Exercise data:
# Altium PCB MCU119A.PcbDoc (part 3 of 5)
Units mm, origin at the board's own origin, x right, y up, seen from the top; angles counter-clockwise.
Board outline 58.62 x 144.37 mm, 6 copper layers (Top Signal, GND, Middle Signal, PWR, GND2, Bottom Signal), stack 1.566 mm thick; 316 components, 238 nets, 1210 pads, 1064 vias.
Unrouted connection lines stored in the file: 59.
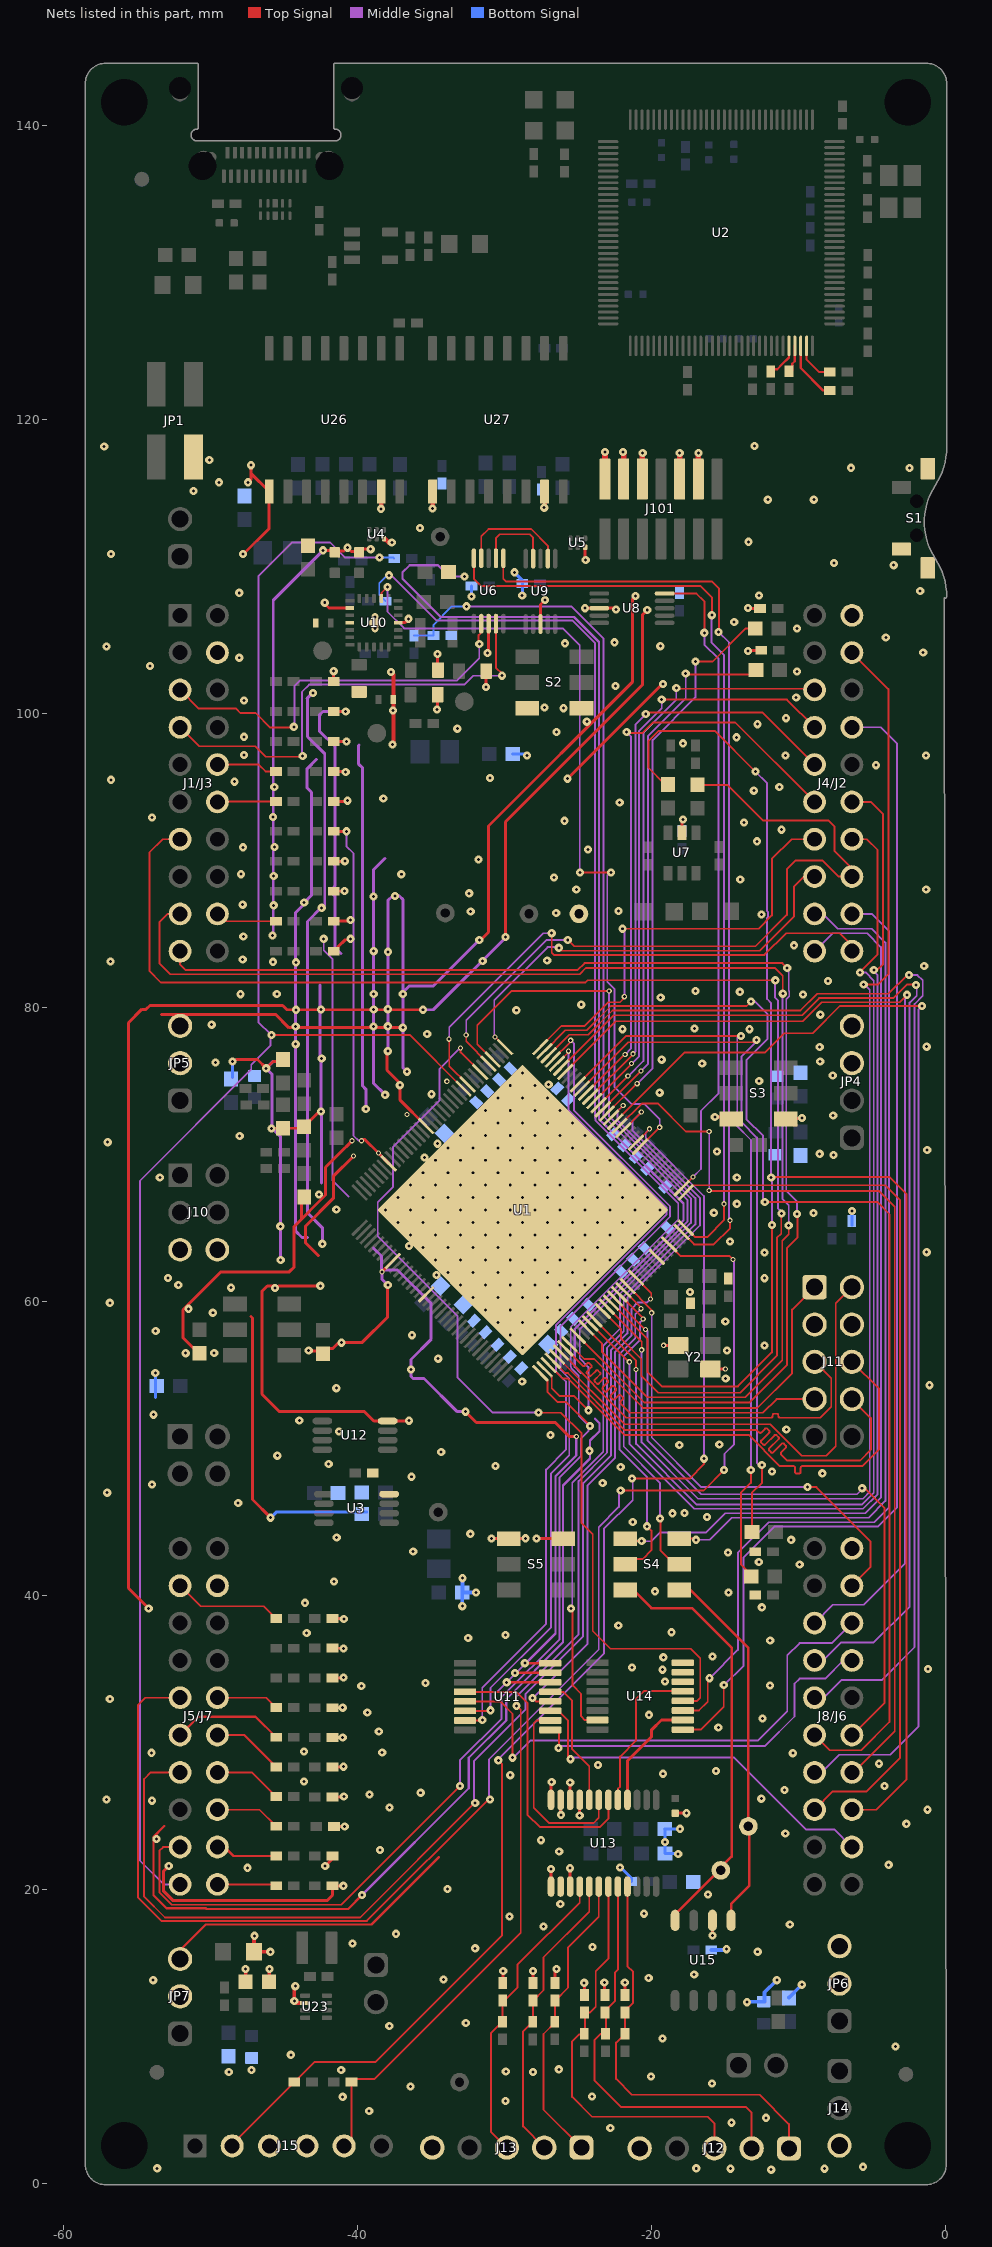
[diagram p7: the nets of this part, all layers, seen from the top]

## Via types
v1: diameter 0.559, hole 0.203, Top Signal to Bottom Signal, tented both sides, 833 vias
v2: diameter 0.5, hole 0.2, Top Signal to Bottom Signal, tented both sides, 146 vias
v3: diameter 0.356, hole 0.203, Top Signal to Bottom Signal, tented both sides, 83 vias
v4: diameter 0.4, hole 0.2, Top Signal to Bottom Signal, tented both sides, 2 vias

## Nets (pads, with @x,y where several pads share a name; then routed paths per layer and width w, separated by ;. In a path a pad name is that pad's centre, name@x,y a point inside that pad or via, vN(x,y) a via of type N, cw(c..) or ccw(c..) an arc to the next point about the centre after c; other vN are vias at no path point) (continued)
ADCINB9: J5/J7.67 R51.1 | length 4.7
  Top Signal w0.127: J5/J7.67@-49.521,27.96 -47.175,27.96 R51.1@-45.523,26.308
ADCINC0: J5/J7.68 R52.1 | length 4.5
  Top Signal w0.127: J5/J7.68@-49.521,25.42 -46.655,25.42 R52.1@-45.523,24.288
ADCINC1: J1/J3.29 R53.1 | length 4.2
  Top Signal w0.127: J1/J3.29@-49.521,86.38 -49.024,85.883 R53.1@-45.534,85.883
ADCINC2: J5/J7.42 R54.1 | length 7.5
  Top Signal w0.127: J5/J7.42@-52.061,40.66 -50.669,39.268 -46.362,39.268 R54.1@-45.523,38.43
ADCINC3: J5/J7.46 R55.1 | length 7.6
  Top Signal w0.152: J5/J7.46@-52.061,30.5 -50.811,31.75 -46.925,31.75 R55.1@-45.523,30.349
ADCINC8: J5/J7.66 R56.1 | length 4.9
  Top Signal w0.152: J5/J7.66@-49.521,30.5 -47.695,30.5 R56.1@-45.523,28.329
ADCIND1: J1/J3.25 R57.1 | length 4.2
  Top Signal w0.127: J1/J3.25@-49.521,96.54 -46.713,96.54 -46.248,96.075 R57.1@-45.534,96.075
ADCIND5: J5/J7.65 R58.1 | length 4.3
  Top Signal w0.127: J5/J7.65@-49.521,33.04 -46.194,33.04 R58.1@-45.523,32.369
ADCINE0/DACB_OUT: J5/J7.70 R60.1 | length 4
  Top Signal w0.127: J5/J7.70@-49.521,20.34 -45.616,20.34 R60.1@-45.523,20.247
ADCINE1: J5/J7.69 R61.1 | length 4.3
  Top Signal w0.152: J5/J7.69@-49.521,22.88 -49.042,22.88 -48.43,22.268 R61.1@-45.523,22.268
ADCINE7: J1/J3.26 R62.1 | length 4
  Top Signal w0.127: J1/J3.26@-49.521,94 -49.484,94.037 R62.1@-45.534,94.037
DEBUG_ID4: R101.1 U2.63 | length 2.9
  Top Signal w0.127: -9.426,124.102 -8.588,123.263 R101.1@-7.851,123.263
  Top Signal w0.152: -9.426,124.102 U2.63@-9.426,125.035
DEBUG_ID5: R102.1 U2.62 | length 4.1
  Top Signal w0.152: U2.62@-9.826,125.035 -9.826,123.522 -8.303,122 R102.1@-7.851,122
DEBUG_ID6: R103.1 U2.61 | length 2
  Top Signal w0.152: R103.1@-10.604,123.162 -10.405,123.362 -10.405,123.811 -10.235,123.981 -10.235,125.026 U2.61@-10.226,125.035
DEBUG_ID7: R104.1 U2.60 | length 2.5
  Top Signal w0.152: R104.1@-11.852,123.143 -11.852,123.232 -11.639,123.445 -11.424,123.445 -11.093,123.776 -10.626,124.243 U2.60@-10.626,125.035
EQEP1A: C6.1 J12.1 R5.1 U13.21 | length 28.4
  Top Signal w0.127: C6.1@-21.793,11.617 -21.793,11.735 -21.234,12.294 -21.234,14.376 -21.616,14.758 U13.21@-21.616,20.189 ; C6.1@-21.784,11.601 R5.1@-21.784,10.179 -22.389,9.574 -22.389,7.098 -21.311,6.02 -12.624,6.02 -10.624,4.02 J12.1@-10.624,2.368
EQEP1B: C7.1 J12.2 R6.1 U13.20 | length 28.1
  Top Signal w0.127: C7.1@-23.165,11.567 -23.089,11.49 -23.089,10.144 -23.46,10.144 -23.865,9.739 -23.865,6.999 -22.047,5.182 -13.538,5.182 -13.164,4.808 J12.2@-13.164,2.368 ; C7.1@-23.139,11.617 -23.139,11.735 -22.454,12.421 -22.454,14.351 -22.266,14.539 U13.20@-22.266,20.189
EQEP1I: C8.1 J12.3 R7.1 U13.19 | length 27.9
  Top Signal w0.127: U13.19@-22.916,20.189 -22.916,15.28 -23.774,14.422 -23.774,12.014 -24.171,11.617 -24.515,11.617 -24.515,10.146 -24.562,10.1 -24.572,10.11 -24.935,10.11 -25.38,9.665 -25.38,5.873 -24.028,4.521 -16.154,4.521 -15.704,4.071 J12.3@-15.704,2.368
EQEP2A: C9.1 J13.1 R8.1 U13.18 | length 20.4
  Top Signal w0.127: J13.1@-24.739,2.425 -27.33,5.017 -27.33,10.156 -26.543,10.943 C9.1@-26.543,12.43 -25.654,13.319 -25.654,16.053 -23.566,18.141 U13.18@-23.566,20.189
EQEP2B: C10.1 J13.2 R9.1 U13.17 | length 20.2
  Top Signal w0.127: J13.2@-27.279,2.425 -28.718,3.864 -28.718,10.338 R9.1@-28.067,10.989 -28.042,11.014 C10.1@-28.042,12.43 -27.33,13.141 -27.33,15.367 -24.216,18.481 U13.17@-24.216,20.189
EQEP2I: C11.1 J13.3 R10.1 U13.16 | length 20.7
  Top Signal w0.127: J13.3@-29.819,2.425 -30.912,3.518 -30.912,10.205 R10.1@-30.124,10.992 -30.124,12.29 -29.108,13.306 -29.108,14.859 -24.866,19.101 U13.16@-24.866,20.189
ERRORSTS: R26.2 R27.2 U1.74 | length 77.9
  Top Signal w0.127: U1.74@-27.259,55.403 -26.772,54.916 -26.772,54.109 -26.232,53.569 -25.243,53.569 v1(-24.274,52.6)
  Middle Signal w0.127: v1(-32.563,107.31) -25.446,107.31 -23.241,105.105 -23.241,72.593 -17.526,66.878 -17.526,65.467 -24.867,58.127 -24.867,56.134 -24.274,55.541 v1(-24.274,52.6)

Task to carry out: Pictures aside, repeat exactly every line from the top of the listing above through the line bearing "[diagram p7: the", inclusive.

Solution to this problem:
# Altium PCB MCU119A.PcbDoc (part 3 of 5)
Units mm, origin at the board's own origin, x right, y up, seen from the top; angles counter-clockwise.
Board outline 58.62 x 144.37 mm, 6 copper layers (Top Signal, GND, Middle Signal, PWR, GND2, Bottom Signal), stack 1.566 mm thick; 316 components, 238 nets, 1210 pads, 1064 vias.
Unrouted connection lines stored in the file: 59.
[diagram p7: the nets of this part, all layers, seen from the top]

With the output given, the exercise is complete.